Worklaw is a subscription based labour law service developed by leading South African labour lawyers and arbitrators. Worklaw gives you all you need to manage labour law at the workplace. Go to www.worklaw.co.za
Worklaw subscribers receive a monthly newsletter containing commentary on the latest labour law cases and trends. This month's newsletter looks in depth at the issue of whistle-blowing - an employee making disclosure of workplace crime or wrong-doing. We also look at two new decisions. The first is the Supreme Court of Appeal's decision on dismissal for refusing to accept workplace changes, and a decision on whistle-blowing.
This public newsletter is a free edited version of the subscriber newsletter.
LATEST CASE REPORTS
Dismissal for refusing to accept workplace changes
How does an employer restructure or bring about changes to work methods where the employees refuse to agree to the changes?
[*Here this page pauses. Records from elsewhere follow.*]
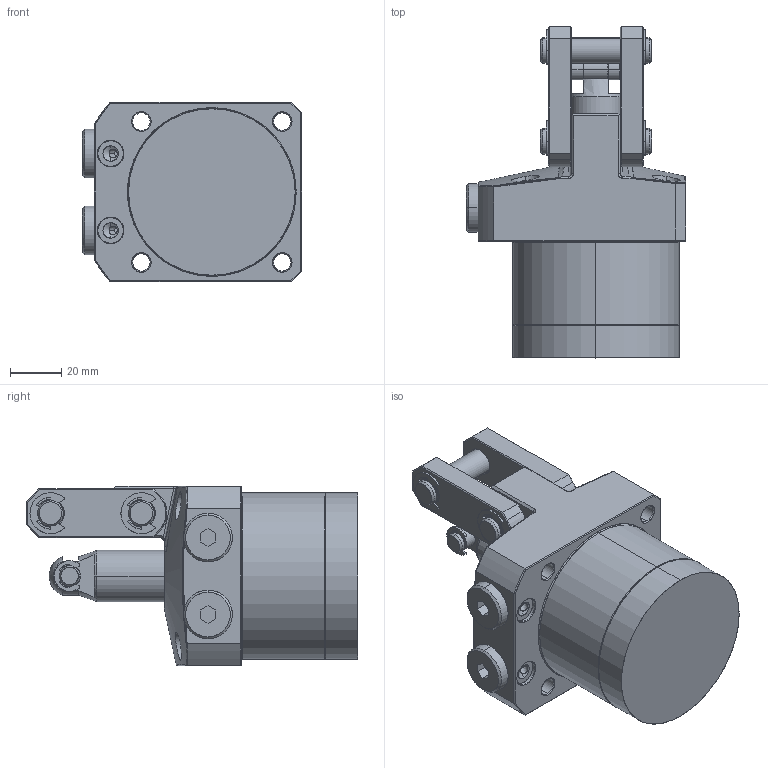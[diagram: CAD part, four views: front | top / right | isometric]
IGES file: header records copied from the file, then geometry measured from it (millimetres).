
Start section: SolidWorks IGES file using analytic representation for surfaces
Global section: file name: D:\abhilash\nijil\cylinder\LKA Series\con v lka\lk65\lk65cr\65CR PT\0402-0652.IGS; native system: SolidWorks 2010; preprocessor: SolidWorks 2010; author: nidheesh; date: 130730.102628; units: millimetre
Bounding box: 85.5 x 129.5 x 70 mm (x, y, z)
Surface area: 48686.6 mm2 (no closed solid volume)
Topology: 0 solids, 0 shells, 404 faces, 5218 edges, 5217 vertices
Faces by surface type: bspline 217, revolution 187
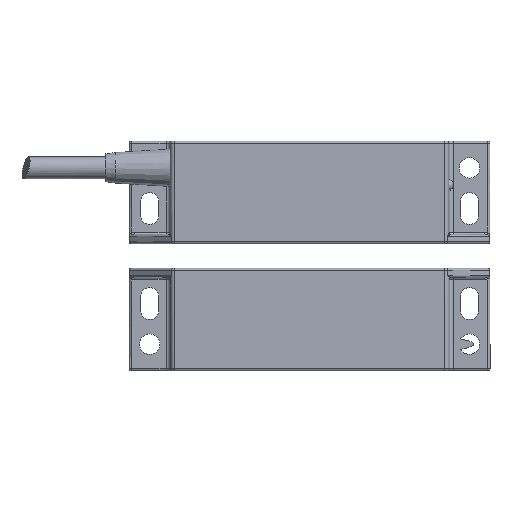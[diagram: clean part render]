
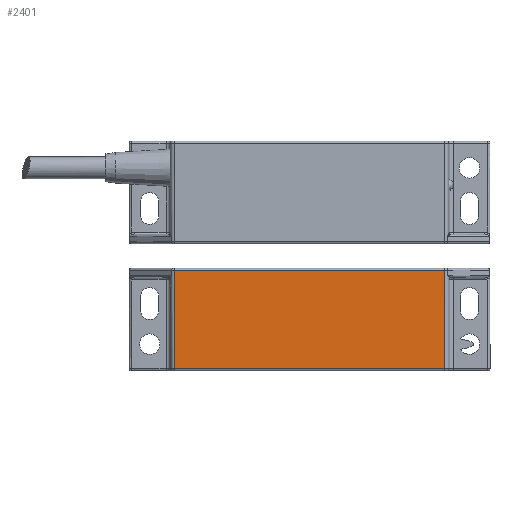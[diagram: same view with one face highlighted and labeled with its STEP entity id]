
A CAD part, top view. The second image highlights one B-rep face of the part: STEP entity #2401.
In plain terms, the highlighted planar face has unit normal (0, 0, 1).
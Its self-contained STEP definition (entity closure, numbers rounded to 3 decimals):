
#144=CARTESIAN_POINT('',(11.01,0.5,13.));
#145=VERTEX_POINT('',#144);
#153=CARTESIAN_POINT('',(11.01,24.5,13.));
#154=VERTEX_POINT('',#153);
#155=CARTESIAN_POINT('',(11.01,0.5,13.));
#156=DIRECTION('',(0.0,1.0,0.0));
#157=VECTOR('',#156,24.);
#158=LINE('',#155,#157);
#159=EDGE_CURVE('',#145,#154,#158,.T.);
#790=CARTESIAN_POINT('',(76.912,24.5,13.));
#791=VERTEX_POINT('',#790);
#799=CARTESIAN_POINT('',(76.912,0.5,13.));
#800=VERTEX_POINT('',#799);
#801=CARTESIAN_POINT('',(76.912,24.5,13.));
#802=DIRECTION('',(0.0,-1.0,0.0));
#803=VECTOR('',#802,24.);
#804=LINE('',#801,#803);
#805=EDGE_CURVE('',#791,#800,#804,.T.);
#2364=CARTESIAN_POINT('',(76.912,0.5,13.));
#2365=DIRECTION('',(-1.0,0.0,0.0));
#2366=VECTOR('',#2365,65.902);
#2367=LINE('',#2364,#2366);
#2368=EDGE_CURVE('',#800,#145,#2367,.T.);
#2385=CARTESIAN_POINT('',(44.,12.5,13.));
#2386=DIRECTION('',(0.0,0.0,1.0));
#2387=DIRECTION('',(1.0,0.0,0.0));
#2388=AXIS2_PLACEMENT_3D('',#2385,#2386,#2387);
#2389=PLANE('',#2388);
#2390=ORIENTED_EDGE('',*,*,#2368,.F.);
#2391=ORIENTED_EDGE('',*,*,#805,.F.);
#2392=CARTESIAN_POINT('',(11.01,24.5,13.));
#2393=DIRECTION('',(1.0,0.,0.));
#2394=VECTOR('',#2393,65.902);
#2395=LINE('',#2392,#2394);
#2396=EDGE_CURVE('',#154,#791,#2395,.T.);
#2397=ORIENTED_EDGE('',*,*,#2396,.F.);
#2398=ORIENTED_EDGE('',*,*,#159,.F.);
#2399=EDGE_LOOP('',(#2390,#2391,#2397,#2398));
#2400=FACE_OUTER_BOUND('',#2399,.T.);
#2401=ADVANCED_FACE('',(#2400),#2389,.T.);
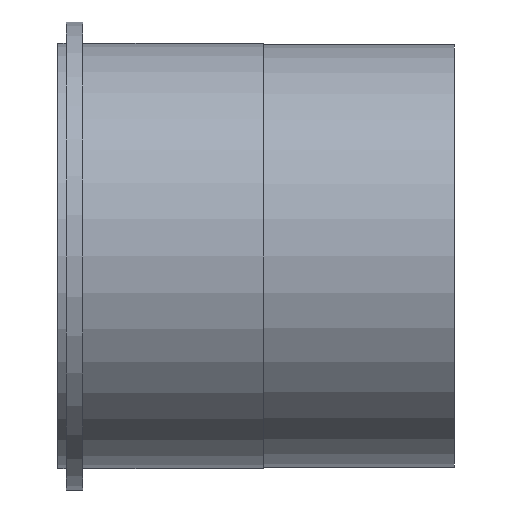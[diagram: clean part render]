
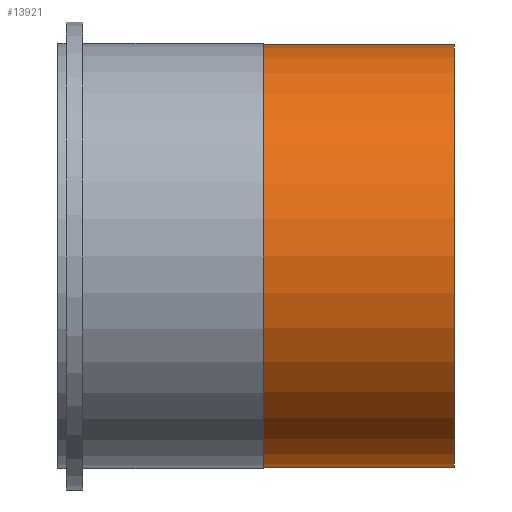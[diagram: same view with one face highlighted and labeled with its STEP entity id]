
A CAD part, front view. The second image highlights one B-rep face of the part: STEP entity #13921.
In plain terms, the highlighted cylindrical face has radius 79.883 mm (diameter 159.766 mm), a full revolution.
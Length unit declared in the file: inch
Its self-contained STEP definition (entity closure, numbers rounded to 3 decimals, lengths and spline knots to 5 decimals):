
#13890=CARTESIAN_POINT('',(3.06,3.145,0.0));
#13891=VERTEX_POINT('',#13890);
#13892=CARTESIAN_POINT('',(3.06,0.0,0.0));
#13893=DIRECTION('',(1.0,0.0,0.0));
#13894=DIRECTION('',(0.0,1.0,0.0));
#13895=AXIS2_PLACEMENT_3D('',#13892,#13893,#13894);
#13896=CIRCLE('',#13895,3.145);
#13897=EDGE_CURVE('',#13891,#13891,#13896,.T.);
#13902=CARTESIAN_POINT('',(4.48276,0.0,0.0));
#13903=DIRECTION('',(1.0,0.0,0.0));
#13904=DIRECTION('',(0.0,1.0,0.0));
#13905=AXIS2_PLACEMENT_3D('',#13902,#13903,#13904);
#13906=CYLINDRICAL_SURFACE('',#13905,3.145);
#13907=CARTESIAN_POINT('',(5.90551,3.145,0.0));
#13908=VERTEX_POINT('',#13907);
#13909=CARTESIAN_POINT('',(5.90551,0.0,0.0));
#13910=DIRECTION('',(1.0,0.0,0.0));
#13911=DIRECTION('',(0.0,1.0,0.0));
#13912=AXIS2_PLACEMENT_3D('',#13909,#13910,#13911);
#13913=CIRCLE('',#13912,3.145);
#13914=EDGE_CURVE('',#13908,#13908,#13913,.T.);
#13915=ORIENTED_EDGE('',*,*,#13914,.F.);
#13916=EDGE_LOOP('',(#13915));
#13917=FACE_OUTER_BOUND('',#13916,.T.);
#13918=ORIENTED_EDGE('',*,*,#13897,.T.);
#13919=EDGE_LOOP('',(#13918));
#13920=FACE_BOUND('',#13919,.T.);
#13921=ADVANCED_FACE('',(#13917,#13920),#13906,.T.);
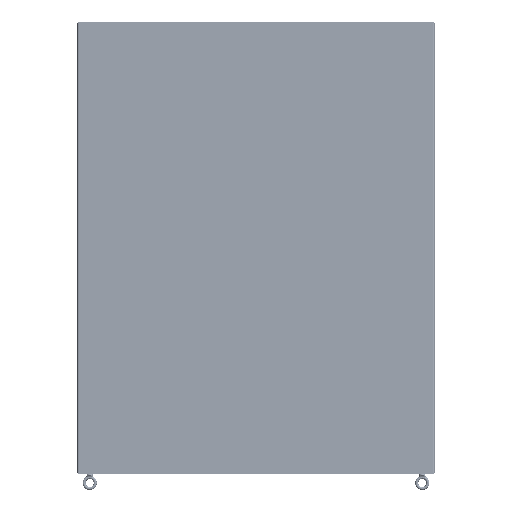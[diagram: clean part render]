
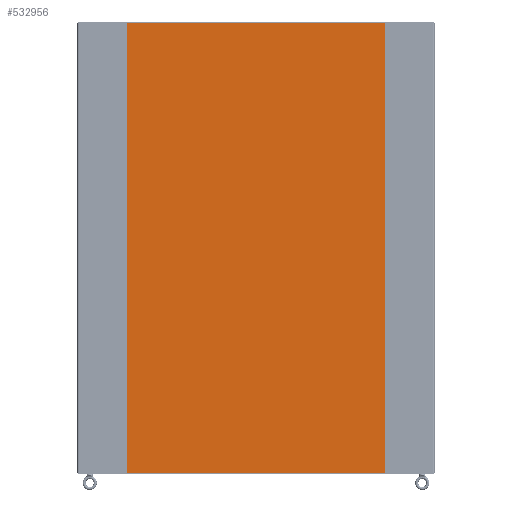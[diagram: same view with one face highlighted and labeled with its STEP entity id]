
A CAD part, left-side view. The second image highlights one B-rep face of the part: STEP entity #532956.
In plain terms, the highlighted planar face has unit normal (-1, 0, 0) as drawn and (0, 0, -1) by its records, which use the part's own axes.
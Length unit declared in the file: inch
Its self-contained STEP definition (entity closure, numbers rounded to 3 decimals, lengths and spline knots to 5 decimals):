
#532518=CARTESIAN_POINT('',(-19.335,33.856,-0.104));
#532519=DIRECTION('',(0.,0.,-1.));
#532520=DIRECTION('',(-1.,0.,0.));
#532521=AXIS2_PLACEMENT_3D('',#532518,#532519,#532520);
#532526=DIRECTION('',(0.,-1.,0.));
#532527=VECTOR('',#532526,67.712);
#532528=CARTESIAN_POINT('',(-19.375,33.856,-0.104));
#532529=LINE('',#532528,#532527);
#532533=CARTESIAN_POINT('',(-19.335,-33.856,-0.104));
#532534=DIRECTION('',(0.,0.,-1.));
#532535=DIRECTION('',(0.,-1.,0.));
#532536=AXIS2_PLACEMENT_3D('',#532533,#532534,#532535);
#532541=DIRECTION('',(1.,0.,0.));
#532542=VECTOR('',#532541,38.67);
#532543=CARTESIAN_POINT('',(-19.335,-33.896,-0.104));
#532544=LINE('',#532543,#532542);
#532548=CARTESIAN_POINT('',(19.335,-33.856,-0.104));
#532549=DIRECTION('',(0.,0.,-1.));
#532550=DIRECTION('',(1.,0.,0.));
#532551=AXIS2_PLACEMENT_3D('',#532548,#532549,#532550);
#532556=DIRECTION('',(0.,1.,0.));
#532557=VECTOR('',#532556,67.712);
#532558=CARTESIAN_POINT('',(19.375,-33.856,-0.104));
#532559=LINE('',#532558,#532557);
#532563=CARTESIAN_POINT('',(19.335,33.856,-0.104));
#532564=DIRECTION('',(0.,0.,-1.));
#532565=DIRECTION('',(0.,1.,0.));
#532566=AXIS2_PLACEMENT_3D('',#532563,#532564,#532565);
#532571=DIRECTION('',(-1.,0.,0.));
#532572=VECTOR('',#532571,38.67);
#532573=CARTESIAN_POINT('',(19.335,33.896,-0.104));
#532574=LINE('',#532573,#532572);
#532672=CARTESIAN_POINT('',(-19.375,33.856,-0.104));
#532673=VERTEX_POINT('',#532672);
#532674=CARTESIAN_POINT('',(-19.335,33.896,-0.104));
#532675=VERTEX_POINT('',#532674);
#532680=CARTESIAN_POINT('',(-19.335,-33.896,-0.104));
#532681=VERTEX_POINT('',#532680);
#532682=CARTESIAN_POINT('',(-19.375,-33.856,-0.104));
#532683=VERTEX_POINT('',#532682);
#532688=CARTESIAN_POINT('',(19.335,33.896,-0.104));
#532689=VERTEX_POINT('',#532688);
#532690=CARTESIAN_POINT('',(19.335,-33.896,-0.104));
#532691=VERTEX_POINT('',#532690);
#532694=CARTESIAN_POINT('',(19.375,33.856,-0.104));
#532695=VERTEX_POINT('',#532694);
#532698=CARTESIAN_POINT('',(19.375,-33.856,-0.104));
#532699=VERTEX_POINT('',#532698);
#532941=CARTESIAN_POINT('',(0.,0.,-0.104));
#532942=DIRECTION('',(0.,0.,1.));
#532943=DIRECTION('',(1.,0.,0.));
#532944=AXIS2_PLACEMENT_3D('',#532941,#532942,#532943);
#532945=PLANE('',#532944);
#532946=ORIENTED_EDGE('',*,*,#532781,.F.);
#532947=ORIENTED_EDGE('',*,*,#532804,.T.);
#532948=ORIENTED_EDGE('',*,*,#532824,.F.);
#532949=ORIENTED_EDGE('',*,*,#532846,.T.);
#532950=ORIENTED_EDGE('',*,*,#532866,.F.);
#532951=ORIENTED_EDGE('',*,*,#532886,.T.);
#532952=ORIENTED_EDGE('',*,*,#532908,.F.);
#532953=ORIENTED_EDGE('',*,*,#532927,.T.);
#532954=EDGE_LOOP('',(#532946,#532947,#532948,#532949,#532950,#532951,#532952,
#532953));
#532955=FACE_OUTER_BOUND('',#532954,.F.);
#532522=CIRCLE('',#532521,0.04);
#532537=CIRCLE('',#532536,0.04);
#532552=CIRCLE('',#532551,0.04);
#532567=CIRCLE('',#532566,0.04);
#532781=EDGE_CURVE('',#532673,#532675,#532522,.T.);
#532804=EDGE_CURVE('',#532673,#532683,#532529,.T.);
#532824=EDGE_CURVE('',#532681,#532683,#532537,.T.);
#532846=EDGE_CURVE('',#532681,#532691,#532544,.T.);
#532866=EDGE_CURVE('',#532699,#532691,#532552,.T.);
#532886=EDGE_CURVE('',#532699,#532695,#532559,.T.);
#532908=EDGE_CURVE('',#532689,#532695,#532567,.T.);
#532927=EDGE_CURVE('',#532689,#532675,#532574,.T.);
#532956=ADVANCED_FACE('',(#532955),#532945,.F.);

The LRA stipulates that it is an automatically unfair dismissal if the employer uses dismissal as a way to compel the employees to accept change. But the LRA also allows dismissal where it is operationally required.
The case of National Union of Metalworkers of South Africa v Fry's Metals (Pty) Ltdhas been working its way through the courts for 5 years, finally reaching the Supreme Court of Appeals. The employer, on the advice of consultants, wished to introduce changes in production methods to enhance productivity at the company. When the workers refused to accept the changes, the company gave them notice that they would be retrenched. NUMSA obtained an interdict against the retrenchments in the Labour Court in 2000, on the basis that they concerned a 'matter of mutual interest' which had to be bargained between employer and employee and for which the employer could not take recourse to dismissal. The company argued that the proposed dismissals were justified for 'operational reasons' relating to its productivity and viability.
The Labour Court granted the interdict, but the LAC set it aside, holding that dismissals concerning terms and conditions of employment were specially protected against only where the employer used dismissal as a tool to compel employees to agree to changes. Where the dismissal was final, and intended to be final, the employer was empowered to dismiss provided it could show justification for 'operational reasons'. The LAC judgment in effect enhanced employers' powers of dismissal in disputes about terms and conditions of employment. The Supreme Court of Appeal has now upheld the LAC finding.
What constitutes whistle-blowing?
The Protected Disclosures Act of 2000 was passed to protect employees who make disclosure in specific circumstances about 'impropriety' at the workplace. But as will be seen, to get the status of a 'protected disclosure', the courts are stipulating that certain requirements have to be met. In CWU & another v Mobile Telephone Networks (Pty) Ltd  8 BLLR 741 (LC) an employee accused his superiors of giving preferential treatment to a particular temporary employment agency from which it hired workers. The allegation was made twice via e-mail to the company's business risk unit, as well as to a number of senior employees. The employee was subsequently suspended for alleging that management was corrupt, and summoned to attend a disciplinary hearing.
The employee launched an urgent application for an order compelling the employer to lift his suspension and stop the disciplinary action against him, arguing that these actions constituted an "occupational detriment" under the PDA. The Court held the employee's allegations did not convey information - they were merely expressions of opinion without a factual basis. Also, the disclosure had been made publicly, whereas the PDA protects only private disclosures. The employee had failed to make use of the employer's elaborate procedures for reporting alleged wrongdoing. The application was dismissed with costs.